Let $\phi \in L$ define a finite set $X$ in the $L$-structure $\mathcal{M}$. Show that in every $\mathcal{N}$ elementarily equivalent to $\mathcal{M}$, the set defined by $\phi$ has the same power as $X$.
Let $n$ denote the number of free variables of $\phi$. That is, let $\phi \in L_n$
Then $X = \phi(\mathcal{M}) = \{a^n \in M^n : \mathcal{M} \models \phi(\overline{a})\}$ and is a finite subset of $M^{n}$. That is, $X \Subset M^n$. Denote $|X| = k \in \mathbb{N}$.
Let $\mathcal{N}$ be an arbitrary $L$-structure s.t. $\mathcal{M} \equiv \mathcal{N}$. Then, by definition, $Th(\mathcal{M}) = Th(\mathcal{N})$.

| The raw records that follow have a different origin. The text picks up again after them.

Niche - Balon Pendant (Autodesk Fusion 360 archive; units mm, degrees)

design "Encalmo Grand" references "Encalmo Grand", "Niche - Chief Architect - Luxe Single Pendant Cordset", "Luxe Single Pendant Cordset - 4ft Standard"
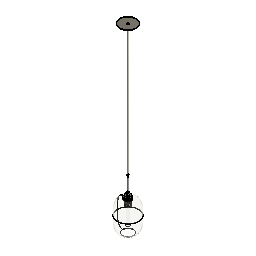
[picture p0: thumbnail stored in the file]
external_derived "ExternalDerived1" bodies "Encalmo Grand", "Encalmo Grand (1)"
external_derived "ExternalDerived2" bodies "Socket Body", "Shade Ring", "Shade Ring +Collar", "Socket", "Body1", "Metal Strain Relief", "Fabric Cord (1)", "Stem (Threaded)"
move "Move1"
external_derived "ExternalDerived3" bodies "T9-Bulb"
move "Move2"
scale "Scale1"
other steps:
derived_base_feature "Derived Base Feature1" bodies "Encalmo Grand", "Encalmo Grand (1)"
derived_base_feature "Derived Base Feature2" bodies "Socket Body", "Shade Ring", "Shade Ring +Collar", "Socket", "Body1", "Metal Strain Relief", "Fabric Cord (1)", "Stem (Threaded)"
derived_base_feature "Derived Base Feature3" bodies "T9-Bulb"
named bodies: "Encalmo Grand", "Encalmo Grand (1)", "Socket Body", "Shade Ring", "Shade Ring +Collar", "Socket", "Body1", "Metal Strain Relief", "Fabric Cord (1)", "Stem (Threaded)", "Cap (Threaded)", "5M Set Screw", "T9-Bulb"

design "Luxe Single Pendant Cordset - 4ft Standard" references "Luxe Canopy - Single Pendant Cordset"
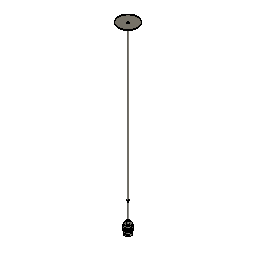
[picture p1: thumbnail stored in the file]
external_derived "ExternalDerived2" bodies "Cap (Threaded)"
move "Move1"
move "Move2"
offset_faces "OffsetFaces1" distance 1051.56
move "Move3"
move "Move4"
move "Move5"
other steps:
derived_base_feature "Derived Base Feature9" bodies "Socket Body", "Shade Ring", "Shade Ring +Collar", "Socket"
derived_base_feature "Derived Base Feature10" bodies "Body1"
derived_base_feature "Derived Base Feature12" bodies "Metal Strain Relief"
derived_base_feature "Derived Base Feature13" bodies "Fabric Cord (1)"
derived_base_feature "Derived Base Feature14" bodies "Stem (Threaded)"
derived_base_feature "Derived Base Feature15" bodies "Cap 9Threaded)", "Cap (Threaded)"
named bodies: "Socket Body", "Shade Ring", "Shade Ring +Collar", "Socket", "Metal Strain Relief", "Fabric Cord (1)", "Stem (Threaded)", "Cap 9Threaded)", "Body1", "Cap (Threaded)", "5M Set Screw"

design "Encalmo Grand" references "Niche_Encalmo_Grand_Single_Pendant"
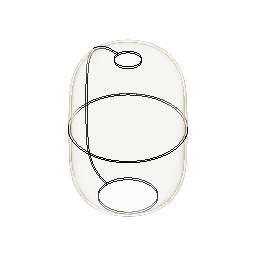
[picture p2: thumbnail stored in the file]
external_derived "ExternalDerived1" bodies "Encalmo Grand"
work_plane "WorkPlane1" AlongDistance -124.2212
split "Split1" bodies "Encalmo Grand (1)"
fillet "Fillet1" radius 0.0254
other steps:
derived_base_feature "Derived Base Feature" bodies "Encalmo Grand"
named bodies: "Encalmo Grand", "Encalmo Grand (1)"

design "Luxe Canopy - Single Pendant Cordset" references "Canopy Mounting Bar Screw", "Canopy Mounting Bar", "M5 Set Screw", "Plastic Strain Relief", "Luxe Cordset"
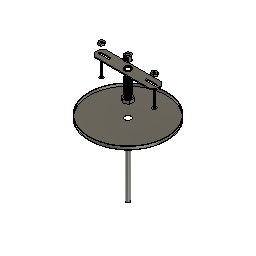
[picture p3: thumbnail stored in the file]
sketch "Sketch1" plane through (0, 0, 0) normal (0, 0, 1) x axis (1, 0, 0)
  circle C1 centre (0, 0) radius 63.5
  point P1 (0, 0)
  point P2 (0, 0)
  coincident P1 P2
  dimension "d1" diameter C1 = 127
extrude "Extrude1" new body sketch "Sketch1" along normal blind 5.08
shell "Shell1" innerThickness 0.762
hole "Hole1" HoleDepth 35.56 HoleDiameter 10.16 TipAngle 118
component_from_bodies "Body->Comp1"
component_insert "Component Insert1"
component_insert "Component Insert2"
component_insert "Component Insert3"
sketch "Sketch2" plane through (0, 0, 0) normal (0, 0, 1) x axis (1, 0, 0)
  circle C1 centre (0, 0) radius 3.175
  point P1 (0, 0)
  point P2 (0, 0)
  coincident P1 P2
  dimension "d8" diameter C1 = 6.35
extrude "Extrude2" new body sketch "Sketch2" along normal blind 127 and against normal blind 127 bodies "Fabric Cord"
component_insert "Component Insert4"
component_insert "Component Insert5"
position "Position1"
sketch "Sketch3" plane through (0, 0, 0.762) normal (0, 0, 1) x axis (-1, 0, 0)
  circle C1 centre (-0.0475, 0.2257) radius 5.08
  circle C2 centre (0, 0) radius 62.738
  circle C3 centre (0, 0) radius 4.826
  concentric C2 C3
  dimension "d13" diameter C3 = 9.652
extrude "Extrude3" new body sketch "Sketch3" profile of C3 along normal blind 25.4 bodies "Threaded Nipple"
shell "Shell2" innerThickness 1.27
thread "Thread1"
sketch "Sketch5" plane through (0, 0, 127) normal (0, 0, 1) x axis (-1, 0, 0)
  line L1 (-6.8191, 3.937) -> (0, 7.874)
  line L2 (-6.8191, -3.937) -> (-6.8191, 3.937)
  line L3 (0, -7.874) -> (-6.8191, -3.937)
  line L4 (6.8191, -3.937) -> (0, -7.874)
  line L5 (6.8191, 3.937) -> (6.8191, -3.937)
  line L6 (0, 7.874) -> (6.8191, 3.937)
  circle C1 centre (0, 0) radius 3.175
  point P2 (0, 0)
  point P9 (0, 0)
  point P3 (0, 7.874)
  coincident P2 P9
  dimension "d20" distance P3 P9 = 7.874
extrude "Extrude4" new body sketch "Sketch5" along normal blind 5.08 bodies "Hex Nut"
move "Move1"
thread "Thread2"
move "Move2" TranslateX 0 TranslateY 0 TranslateZ -55.88
move "Move3" TranslateX 0 TranslateY 0 TranslateZ 60.96
position "Position2"
sketch "Sketch6" plane through (0, 0, 0) normal (0, 0, 1) x axis (1, 0, 0)
  circle C1 centre (0, 0) radius 9.525
  point P1 (0, 0)
  point P2 (0, 0)
  coincident P1 P2
  dimension "d29" diameter C1 = 19.05
extrude "Extrude5" new body sketch "Sketch6" along normal blind 16.129 bodies "Metal Strain Relief"
move "Move4" TranslateX 0 TranslateY 0 TranslateZ -86.36
hole "Hole2" HoleDepth 10.16 HoleDiameter 5.08 TipAngle 118
hole "Hole3" HoleDepth 4.064 HoleDiameter 7.62 TipAngle 180
hole "Hole4" HoleDepth 12.192 HoleDiameter 9.144 TipAngle 180
thread "Thread3" ThreadOffset 0 ThreadLength 6.096
move "Move1" TranslateX 0 TranslateY 0 TranslateZ 68.58
move "Move5" TranslateX 0 TranslateY 0 TranslateZ 138.43
component_insert "Component Insert6"
external_derived "ExternalDerived1" bodies "5M Set Screw"
move "Move6" TranslateX 0 TranslateY 0 TranslateZ -185.42
copy_paste_bodies "CopyPasteBodies1"
move "Move7" TranslateX 0 TranslateY 0 TranslateZ -12.7
offset_faces "OffsetFaces1" distance -152.4
move "Move8"
component_from_bodies "Body->Comp2"
component_from_bodies "Body->Comp3"
component_from_bodies "Body->Comp4"
component_from_bodies "Body->Comp5"
hole "Hole1" HoleDepth 25.4 HoleDiameter 6.35 TipAngle 180
sketch "Sketch7" plane through (0, 0, 0) normal (0, 0, 1) x axis (1, 0, 0)
  line L1 (49.784, 3.9595) -> (52.07, 0)
  line L2 (45.212, 3.9595) -> (49.784, 3.9595)
  line L3 (42.926, 0) -> (45.212, 3.9595)
  line L4 (45.212, -3.9595) -> (42.926, 0)
  line L5 (49.784, -3.9595) -> (45.212, -3.9595)
  line L6 (52.07, 0) -> (49.784, -3.9595)
  point P2 (52.07, 0)
  point P8 (47.498, 0)
  dimension "d63" distance P2 P8 = 4.572
extrude "Extrude6" new body sketch "Sketch7" along normal blind 3.175 bodies "Mounting Hex Nut"
hole "Hole5" HoleDepth 25.4 HoleDiameter 3.81 TipAngle 180
thread "Thread4"
move "Move9"
component_from_bodies "Body->Comp6"
copy_paste "CopyPaste1"
move "Move10"
derived_base_feature "Derived Base Feature3" bodies "Stem (Threaded)", "Cap 9Threaded)"
move "Move11"
component_from_bodies "Body->Comp7"
component_from_bodies "Body->Comp8"
component_from_bodies "Body->Comp9"
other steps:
base_feature "Base Feature1"
base_feature "Base Feature1" bodies "Stem (Threaded)"
base_feature "Base Feature1" bodies "Cap 9Threaded)"
base_feature "Base Feature1" bodies "Fabric Cord"
base_feature "Base Feature1" bodies "Metal Strain Relief"
base_feature "Base Feature1" bodies "Mounting Hex Nut"
base_feature "Base Feature1" bodies "Hex Nut"
base_feature "Base Feature1" bodies "Fabric Cord (1)"
base_feature "Base Feature1" bodies "Threaded Nipple"
derived_base_feature "Derived Base Feature1" bodies "Socket Body", "Shade Ring", "Shade Ring +Collar", "Socket", "Rigid Stem"
derived_base_feature "Derived Base Feature2" bodies "5M Set Screw"
base_feature "Base Feature1" bodies "Fabric Cord", "Fabric Cord (1)"
create_component "CreateComponent1"
remove_body "RemoveBody1"
create_component "CreateComponent2"
remove_body "RemoveBody2"
create_component "CreateComponent3"
remove_body "RemoveBody3"
create_component "CreateComponent4"
remove_body "RemoveBody4"
create_component "CreateComponent5"
remove_body "RemoveBody5"
create_component "CreateComponent6"
remove_body "RemoveBody6"
create_component "CreateComponent7"
remove_body "RemoveBody7"
create_component "CreateComponent8"
remove_body "RemoveBody8"
create_component "CreateComponent9"
remove_body "RemoveBody9"
named bodies: "Fabric Cord", "Threaded Nipple", "Hex Nut", "Metal Strain Relief", "Socket Body", "Shade Ring", "Shade Ring +Collar", "Socket", "Rigid Stem", "5M Set Screw", "Fabric Cord (1)", "Mounting Hex Nut", "Stem (Threaded)", "Cap 9Threaded)"

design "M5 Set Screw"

Let $|\phi(\mathcal{N})| = Y$
$\fbox{WANT:}$ $X = |\phi(\mathcal{M})| = |\phi(\mathcal{N})| = Y$
Now this would be easy to show if $\mathcal{M}$ were isomorphic to $\mathcal{N}$. But we cannot assume that unless $\mathcal{M}$ is finite. I'm not sure how then to proceed.
The property "there are exactly $k$ elements of $M^n$ satisfying $\phi$" is equivalent to a first-order sentence. Since it is true in $\mathcal{M}$, it is also true in $\mathcal{N}$.
This reduces the problem to identifying this sentence. Hint: Do you know how to write down a sentence expressing that there exist exactly $k$ things in the universe? Can you adapt this to realizations of $\phi$?